DATA PROVIDED:
== Segment start ==

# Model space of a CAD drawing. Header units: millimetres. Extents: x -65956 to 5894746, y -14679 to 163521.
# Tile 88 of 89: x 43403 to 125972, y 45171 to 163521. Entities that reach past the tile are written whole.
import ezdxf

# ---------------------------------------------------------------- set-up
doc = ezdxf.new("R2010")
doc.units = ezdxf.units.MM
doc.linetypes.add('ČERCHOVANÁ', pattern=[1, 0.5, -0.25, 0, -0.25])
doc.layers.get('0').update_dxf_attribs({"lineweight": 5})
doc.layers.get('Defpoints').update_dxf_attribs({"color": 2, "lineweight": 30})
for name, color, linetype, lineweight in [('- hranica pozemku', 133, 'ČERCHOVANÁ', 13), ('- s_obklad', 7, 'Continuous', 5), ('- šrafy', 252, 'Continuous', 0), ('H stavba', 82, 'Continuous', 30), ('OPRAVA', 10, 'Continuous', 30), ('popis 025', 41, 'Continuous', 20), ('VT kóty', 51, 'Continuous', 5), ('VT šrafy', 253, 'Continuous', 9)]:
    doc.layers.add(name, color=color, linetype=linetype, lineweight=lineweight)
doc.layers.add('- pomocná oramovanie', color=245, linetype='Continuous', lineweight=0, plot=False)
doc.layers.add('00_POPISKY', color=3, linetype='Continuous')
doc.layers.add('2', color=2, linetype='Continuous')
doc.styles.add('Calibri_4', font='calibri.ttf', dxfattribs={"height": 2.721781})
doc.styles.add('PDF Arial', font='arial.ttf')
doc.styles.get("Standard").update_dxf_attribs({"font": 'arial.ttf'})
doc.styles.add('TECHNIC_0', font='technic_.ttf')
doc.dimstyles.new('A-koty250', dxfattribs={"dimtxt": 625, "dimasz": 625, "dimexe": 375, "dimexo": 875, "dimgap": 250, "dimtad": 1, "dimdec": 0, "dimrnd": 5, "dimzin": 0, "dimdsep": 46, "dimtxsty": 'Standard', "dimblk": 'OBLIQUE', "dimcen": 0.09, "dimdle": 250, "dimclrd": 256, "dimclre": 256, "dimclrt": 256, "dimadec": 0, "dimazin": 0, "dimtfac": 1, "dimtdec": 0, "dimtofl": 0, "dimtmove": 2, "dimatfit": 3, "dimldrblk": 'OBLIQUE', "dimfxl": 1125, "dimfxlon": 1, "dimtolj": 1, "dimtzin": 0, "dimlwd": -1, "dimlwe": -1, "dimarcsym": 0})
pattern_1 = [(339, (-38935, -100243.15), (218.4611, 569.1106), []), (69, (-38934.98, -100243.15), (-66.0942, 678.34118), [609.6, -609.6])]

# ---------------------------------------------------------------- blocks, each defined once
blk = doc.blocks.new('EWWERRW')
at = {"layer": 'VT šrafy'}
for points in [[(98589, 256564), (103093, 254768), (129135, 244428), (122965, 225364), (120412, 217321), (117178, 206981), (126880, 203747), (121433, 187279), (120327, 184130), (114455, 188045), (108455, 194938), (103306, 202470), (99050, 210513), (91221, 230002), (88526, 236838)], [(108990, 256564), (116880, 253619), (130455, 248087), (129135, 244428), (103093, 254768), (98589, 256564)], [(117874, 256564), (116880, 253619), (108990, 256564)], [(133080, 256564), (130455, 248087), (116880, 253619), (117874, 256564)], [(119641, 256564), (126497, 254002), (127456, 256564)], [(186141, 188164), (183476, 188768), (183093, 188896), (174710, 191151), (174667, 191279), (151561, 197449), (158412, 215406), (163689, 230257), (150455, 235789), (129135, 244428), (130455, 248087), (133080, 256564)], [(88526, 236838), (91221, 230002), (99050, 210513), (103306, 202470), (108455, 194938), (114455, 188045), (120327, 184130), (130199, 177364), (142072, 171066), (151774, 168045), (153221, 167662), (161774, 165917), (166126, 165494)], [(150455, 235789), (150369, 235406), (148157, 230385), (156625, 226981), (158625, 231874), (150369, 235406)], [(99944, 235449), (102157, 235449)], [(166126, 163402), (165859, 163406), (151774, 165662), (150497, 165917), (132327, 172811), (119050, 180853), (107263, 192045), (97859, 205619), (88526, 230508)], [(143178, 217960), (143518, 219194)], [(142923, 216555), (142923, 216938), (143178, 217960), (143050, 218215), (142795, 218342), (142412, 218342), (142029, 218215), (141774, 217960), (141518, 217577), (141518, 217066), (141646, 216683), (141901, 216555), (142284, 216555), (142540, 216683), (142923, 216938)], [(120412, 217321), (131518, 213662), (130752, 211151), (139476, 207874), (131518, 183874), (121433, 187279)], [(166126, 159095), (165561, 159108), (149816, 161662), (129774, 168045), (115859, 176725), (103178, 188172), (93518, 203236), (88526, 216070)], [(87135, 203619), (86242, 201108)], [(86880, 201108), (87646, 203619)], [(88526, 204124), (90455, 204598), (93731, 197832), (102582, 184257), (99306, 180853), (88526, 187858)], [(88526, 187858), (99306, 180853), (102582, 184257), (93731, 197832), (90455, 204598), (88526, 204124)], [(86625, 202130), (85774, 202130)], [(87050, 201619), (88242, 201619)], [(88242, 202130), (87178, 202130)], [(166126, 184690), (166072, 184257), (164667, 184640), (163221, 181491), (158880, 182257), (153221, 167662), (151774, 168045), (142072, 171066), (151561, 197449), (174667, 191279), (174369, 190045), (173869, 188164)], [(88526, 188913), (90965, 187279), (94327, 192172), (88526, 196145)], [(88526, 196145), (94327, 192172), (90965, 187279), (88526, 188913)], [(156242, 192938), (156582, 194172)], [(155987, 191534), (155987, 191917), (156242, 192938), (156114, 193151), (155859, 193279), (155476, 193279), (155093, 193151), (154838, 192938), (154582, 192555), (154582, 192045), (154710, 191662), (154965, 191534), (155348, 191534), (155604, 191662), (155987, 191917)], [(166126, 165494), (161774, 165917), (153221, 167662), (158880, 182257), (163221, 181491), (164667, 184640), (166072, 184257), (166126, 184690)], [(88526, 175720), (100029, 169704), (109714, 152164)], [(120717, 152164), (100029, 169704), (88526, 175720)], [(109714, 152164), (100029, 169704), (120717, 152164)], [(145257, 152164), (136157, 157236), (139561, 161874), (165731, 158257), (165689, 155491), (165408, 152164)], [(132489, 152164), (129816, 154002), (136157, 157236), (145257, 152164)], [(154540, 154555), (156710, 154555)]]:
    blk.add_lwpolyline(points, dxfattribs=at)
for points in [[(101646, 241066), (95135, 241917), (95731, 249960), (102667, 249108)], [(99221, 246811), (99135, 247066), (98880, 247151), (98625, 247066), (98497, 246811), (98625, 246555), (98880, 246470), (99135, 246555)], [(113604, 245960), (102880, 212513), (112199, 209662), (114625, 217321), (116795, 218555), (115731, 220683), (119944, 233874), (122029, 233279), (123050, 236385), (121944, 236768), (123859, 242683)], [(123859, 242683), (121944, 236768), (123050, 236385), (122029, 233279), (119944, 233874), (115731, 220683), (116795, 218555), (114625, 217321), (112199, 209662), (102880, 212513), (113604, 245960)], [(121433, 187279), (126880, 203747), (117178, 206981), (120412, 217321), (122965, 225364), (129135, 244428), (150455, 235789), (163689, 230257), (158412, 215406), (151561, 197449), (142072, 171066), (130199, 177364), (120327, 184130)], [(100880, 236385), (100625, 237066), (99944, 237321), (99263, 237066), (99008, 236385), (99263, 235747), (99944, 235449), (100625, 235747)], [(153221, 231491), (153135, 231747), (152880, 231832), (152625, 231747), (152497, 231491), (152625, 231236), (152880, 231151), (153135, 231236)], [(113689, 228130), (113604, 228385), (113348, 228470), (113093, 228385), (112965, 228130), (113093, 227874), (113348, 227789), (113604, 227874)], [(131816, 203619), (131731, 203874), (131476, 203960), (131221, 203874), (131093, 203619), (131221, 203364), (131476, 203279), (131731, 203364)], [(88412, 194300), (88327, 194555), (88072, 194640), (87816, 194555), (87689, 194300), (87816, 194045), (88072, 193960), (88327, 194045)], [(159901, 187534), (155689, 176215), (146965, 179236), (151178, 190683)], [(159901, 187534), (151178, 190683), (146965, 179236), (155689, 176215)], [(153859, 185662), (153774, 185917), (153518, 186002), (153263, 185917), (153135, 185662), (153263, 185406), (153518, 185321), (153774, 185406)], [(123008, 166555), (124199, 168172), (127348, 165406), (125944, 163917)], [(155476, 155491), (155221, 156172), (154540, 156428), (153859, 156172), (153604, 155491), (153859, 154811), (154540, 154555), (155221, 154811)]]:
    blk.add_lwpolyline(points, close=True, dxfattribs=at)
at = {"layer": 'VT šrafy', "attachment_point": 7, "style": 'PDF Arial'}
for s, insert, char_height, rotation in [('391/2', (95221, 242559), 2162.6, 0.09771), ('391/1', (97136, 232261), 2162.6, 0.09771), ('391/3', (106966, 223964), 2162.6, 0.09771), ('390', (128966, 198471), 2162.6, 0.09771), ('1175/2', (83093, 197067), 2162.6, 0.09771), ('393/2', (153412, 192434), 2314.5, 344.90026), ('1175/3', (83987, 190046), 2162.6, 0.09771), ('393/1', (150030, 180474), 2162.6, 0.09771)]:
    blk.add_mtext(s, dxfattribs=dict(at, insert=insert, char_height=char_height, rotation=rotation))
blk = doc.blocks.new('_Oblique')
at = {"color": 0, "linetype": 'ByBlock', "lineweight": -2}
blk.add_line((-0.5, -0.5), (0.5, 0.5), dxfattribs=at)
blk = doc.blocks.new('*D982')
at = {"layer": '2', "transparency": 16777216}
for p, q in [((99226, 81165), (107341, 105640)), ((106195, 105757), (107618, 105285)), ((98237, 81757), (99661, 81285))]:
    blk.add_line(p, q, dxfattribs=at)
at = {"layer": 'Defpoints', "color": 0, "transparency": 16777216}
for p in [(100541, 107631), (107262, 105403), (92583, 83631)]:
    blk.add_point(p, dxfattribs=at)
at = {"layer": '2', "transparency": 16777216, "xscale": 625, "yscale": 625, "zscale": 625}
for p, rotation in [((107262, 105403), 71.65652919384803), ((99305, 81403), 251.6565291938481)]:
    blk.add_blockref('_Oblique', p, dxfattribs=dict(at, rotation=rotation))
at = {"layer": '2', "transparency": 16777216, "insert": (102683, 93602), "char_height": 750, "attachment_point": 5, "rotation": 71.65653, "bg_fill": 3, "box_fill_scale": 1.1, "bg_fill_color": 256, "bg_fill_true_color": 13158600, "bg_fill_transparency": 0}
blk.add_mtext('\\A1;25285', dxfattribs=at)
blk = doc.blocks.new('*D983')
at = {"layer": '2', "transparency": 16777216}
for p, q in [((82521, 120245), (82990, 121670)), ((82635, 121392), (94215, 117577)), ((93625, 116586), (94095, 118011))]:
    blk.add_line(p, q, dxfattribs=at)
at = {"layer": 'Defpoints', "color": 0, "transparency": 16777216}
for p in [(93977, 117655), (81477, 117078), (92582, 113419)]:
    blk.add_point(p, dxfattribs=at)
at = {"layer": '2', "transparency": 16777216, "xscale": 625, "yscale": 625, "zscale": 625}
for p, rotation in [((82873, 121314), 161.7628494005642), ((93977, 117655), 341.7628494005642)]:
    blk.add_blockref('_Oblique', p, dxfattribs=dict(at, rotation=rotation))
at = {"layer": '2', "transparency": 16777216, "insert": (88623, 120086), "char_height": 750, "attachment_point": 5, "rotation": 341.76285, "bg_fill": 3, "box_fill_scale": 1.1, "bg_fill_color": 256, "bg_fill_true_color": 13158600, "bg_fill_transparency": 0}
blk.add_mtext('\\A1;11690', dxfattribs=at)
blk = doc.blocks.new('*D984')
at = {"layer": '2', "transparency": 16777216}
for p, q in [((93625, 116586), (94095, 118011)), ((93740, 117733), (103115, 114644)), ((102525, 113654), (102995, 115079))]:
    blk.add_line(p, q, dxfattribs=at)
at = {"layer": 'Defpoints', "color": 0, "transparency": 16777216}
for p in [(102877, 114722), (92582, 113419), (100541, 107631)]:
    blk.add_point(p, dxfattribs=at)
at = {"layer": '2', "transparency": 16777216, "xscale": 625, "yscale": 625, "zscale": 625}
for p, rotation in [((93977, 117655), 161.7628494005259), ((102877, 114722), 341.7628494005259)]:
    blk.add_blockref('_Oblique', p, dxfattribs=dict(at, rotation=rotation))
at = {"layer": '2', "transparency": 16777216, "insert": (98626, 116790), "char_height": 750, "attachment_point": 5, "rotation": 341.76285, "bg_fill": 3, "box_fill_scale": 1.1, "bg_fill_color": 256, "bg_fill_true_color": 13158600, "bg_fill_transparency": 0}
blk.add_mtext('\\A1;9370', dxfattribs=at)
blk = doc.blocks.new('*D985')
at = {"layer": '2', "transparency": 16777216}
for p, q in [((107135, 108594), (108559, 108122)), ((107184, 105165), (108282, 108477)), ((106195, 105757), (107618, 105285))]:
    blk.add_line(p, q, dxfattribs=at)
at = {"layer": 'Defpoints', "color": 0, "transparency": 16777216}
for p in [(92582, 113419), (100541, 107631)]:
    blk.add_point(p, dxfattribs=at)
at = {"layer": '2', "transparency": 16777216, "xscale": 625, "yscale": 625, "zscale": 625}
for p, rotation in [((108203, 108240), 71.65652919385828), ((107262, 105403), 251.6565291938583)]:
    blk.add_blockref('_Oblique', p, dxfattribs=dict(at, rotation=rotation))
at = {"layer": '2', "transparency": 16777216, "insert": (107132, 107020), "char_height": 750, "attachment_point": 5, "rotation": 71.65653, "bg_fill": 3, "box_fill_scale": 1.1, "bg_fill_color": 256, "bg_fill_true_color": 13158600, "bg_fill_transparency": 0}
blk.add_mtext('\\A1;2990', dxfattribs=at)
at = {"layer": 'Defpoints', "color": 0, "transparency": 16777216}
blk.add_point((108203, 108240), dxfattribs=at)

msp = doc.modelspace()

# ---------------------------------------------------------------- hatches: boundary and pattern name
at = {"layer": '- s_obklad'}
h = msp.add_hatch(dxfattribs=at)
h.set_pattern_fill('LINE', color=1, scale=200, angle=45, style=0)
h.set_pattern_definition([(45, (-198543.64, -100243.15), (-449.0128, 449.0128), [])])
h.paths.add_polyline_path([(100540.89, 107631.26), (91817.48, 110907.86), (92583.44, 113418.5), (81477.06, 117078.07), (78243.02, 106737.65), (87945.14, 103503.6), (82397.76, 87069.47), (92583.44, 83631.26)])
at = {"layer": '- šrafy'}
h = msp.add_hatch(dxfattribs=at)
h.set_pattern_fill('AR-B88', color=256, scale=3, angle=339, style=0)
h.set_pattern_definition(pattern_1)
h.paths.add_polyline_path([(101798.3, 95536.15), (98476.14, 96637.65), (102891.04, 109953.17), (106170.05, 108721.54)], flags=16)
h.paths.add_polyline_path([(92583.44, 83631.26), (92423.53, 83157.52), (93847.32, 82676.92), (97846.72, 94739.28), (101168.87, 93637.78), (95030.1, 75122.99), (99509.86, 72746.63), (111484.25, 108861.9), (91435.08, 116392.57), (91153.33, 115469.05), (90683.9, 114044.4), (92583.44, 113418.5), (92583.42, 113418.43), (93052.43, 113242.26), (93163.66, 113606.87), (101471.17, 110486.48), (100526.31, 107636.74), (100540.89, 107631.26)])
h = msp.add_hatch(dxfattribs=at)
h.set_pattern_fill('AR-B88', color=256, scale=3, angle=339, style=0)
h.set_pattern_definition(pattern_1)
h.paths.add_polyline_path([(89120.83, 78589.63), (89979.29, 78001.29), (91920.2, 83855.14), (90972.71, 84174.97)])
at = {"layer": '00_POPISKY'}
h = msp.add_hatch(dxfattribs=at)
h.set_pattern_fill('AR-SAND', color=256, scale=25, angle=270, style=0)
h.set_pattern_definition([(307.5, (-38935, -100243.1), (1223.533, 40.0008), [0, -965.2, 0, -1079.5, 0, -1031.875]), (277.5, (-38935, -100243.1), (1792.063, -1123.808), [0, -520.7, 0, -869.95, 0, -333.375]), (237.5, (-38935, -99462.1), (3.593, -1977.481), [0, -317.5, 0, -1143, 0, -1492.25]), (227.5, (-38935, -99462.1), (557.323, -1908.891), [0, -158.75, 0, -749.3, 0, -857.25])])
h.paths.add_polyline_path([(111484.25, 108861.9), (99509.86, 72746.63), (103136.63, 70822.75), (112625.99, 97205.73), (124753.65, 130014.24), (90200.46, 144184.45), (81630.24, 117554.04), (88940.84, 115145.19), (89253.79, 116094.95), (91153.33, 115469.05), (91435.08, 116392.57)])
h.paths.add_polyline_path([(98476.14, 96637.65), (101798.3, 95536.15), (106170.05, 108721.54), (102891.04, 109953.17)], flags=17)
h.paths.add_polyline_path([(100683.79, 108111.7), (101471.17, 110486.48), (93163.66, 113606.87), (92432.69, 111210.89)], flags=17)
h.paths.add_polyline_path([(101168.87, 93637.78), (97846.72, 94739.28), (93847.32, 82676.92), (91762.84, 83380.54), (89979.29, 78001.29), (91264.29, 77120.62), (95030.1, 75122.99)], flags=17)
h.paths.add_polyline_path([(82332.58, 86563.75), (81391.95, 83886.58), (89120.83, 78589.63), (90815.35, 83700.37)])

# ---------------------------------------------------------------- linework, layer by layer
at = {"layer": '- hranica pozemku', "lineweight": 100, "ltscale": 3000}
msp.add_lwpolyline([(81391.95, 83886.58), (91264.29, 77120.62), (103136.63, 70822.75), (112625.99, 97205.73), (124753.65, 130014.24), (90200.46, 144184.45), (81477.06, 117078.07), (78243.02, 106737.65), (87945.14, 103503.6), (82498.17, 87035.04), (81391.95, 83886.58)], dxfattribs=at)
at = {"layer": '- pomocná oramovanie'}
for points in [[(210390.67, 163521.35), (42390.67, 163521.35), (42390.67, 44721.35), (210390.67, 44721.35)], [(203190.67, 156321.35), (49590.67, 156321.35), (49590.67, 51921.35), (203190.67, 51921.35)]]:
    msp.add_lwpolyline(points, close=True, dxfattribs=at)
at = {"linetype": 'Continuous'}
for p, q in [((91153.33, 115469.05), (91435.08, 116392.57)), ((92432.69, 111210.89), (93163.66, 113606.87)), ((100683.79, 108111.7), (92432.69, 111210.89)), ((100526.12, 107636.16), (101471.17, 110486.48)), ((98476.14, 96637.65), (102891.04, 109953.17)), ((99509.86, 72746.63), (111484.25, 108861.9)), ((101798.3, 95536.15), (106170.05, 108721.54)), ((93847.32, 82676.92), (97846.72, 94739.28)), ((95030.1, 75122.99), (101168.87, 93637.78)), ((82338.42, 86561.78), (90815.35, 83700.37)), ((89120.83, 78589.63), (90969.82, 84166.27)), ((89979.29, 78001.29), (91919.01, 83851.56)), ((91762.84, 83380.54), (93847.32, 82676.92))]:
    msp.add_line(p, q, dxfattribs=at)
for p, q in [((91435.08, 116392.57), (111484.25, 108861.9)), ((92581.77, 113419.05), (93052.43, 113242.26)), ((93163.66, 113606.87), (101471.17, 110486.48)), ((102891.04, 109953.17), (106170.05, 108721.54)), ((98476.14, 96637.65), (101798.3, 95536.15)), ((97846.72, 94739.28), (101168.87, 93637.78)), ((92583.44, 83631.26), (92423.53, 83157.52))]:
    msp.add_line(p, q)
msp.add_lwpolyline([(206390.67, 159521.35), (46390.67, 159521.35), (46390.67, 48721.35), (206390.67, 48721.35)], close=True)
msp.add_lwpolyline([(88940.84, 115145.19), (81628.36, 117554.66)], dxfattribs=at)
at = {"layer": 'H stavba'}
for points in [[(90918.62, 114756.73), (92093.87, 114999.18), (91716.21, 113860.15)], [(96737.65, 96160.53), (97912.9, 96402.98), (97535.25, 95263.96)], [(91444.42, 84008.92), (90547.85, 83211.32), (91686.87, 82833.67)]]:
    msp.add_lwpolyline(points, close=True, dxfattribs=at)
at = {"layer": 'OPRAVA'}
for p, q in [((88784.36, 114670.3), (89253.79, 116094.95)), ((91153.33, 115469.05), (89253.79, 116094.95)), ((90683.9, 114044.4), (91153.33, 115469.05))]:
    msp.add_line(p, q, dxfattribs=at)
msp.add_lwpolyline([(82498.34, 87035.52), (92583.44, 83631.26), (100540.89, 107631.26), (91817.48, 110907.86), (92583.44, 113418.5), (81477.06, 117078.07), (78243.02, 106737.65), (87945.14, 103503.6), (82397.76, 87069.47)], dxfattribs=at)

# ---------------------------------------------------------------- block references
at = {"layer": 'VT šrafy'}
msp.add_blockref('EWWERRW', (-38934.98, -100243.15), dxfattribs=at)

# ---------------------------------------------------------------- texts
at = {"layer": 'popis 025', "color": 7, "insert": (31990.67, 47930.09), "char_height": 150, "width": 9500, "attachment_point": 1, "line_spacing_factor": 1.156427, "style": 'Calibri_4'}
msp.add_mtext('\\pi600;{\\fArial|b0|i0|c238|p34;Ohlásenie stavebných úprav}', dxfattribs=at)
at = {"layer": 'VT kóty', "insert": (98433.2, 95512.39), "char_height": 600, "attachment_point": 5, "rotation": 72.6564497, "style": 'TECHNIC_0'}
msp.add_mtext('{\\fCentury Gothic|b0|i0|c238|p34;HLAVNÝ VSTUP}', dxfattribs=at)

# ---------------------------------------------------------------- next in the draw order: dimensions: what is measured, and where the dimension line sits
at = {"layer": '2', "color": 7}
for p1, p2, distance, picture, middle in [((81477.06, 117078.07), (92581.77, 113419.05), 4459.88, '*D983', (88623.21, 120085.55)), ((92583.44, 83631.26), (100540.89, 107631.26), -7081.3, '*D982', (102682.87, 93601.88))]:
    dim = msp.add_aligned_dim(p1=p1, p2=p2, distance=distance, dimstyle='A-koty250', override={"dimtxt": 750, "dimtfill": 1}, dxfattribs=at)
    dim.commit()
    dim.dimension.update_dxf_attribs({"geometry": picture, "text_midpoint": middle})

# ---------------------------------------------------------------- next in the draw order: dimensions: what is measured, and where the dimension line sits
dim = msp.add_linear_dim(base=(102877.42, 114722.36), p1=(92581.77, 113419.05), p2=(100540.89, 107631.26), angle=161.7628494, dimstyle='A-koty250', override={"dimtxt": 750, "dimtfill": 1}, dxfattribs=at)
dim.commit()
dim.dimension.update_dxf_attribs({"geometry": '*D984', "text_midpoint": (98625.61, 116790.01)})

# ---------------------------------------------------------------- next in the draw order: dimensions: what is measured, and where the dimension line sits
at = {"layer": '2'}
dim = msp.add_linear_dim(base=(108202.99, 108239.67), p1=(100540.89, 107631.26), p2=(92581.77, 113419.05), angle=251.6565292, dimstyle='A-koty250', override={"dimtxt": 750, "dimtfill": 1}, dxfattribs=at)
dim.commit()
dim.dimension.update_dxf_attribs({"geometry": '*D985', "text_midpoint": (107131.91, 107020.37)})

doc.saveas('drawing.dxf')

== Segment end ==

TASK DIRECTIONS: Return the entries exactly through the "import ezdxf" line.

RESULT OF THE TASK:
# Model space of a CAD drawing. Header units: millimetres. Extents: x -65956 to 5894746, y -14679 to 163521.
# Tile 88 of 89: x 43403 to 125972, y 45171 to 163521. Entities that reach past the tile are written whole.
import ezdxf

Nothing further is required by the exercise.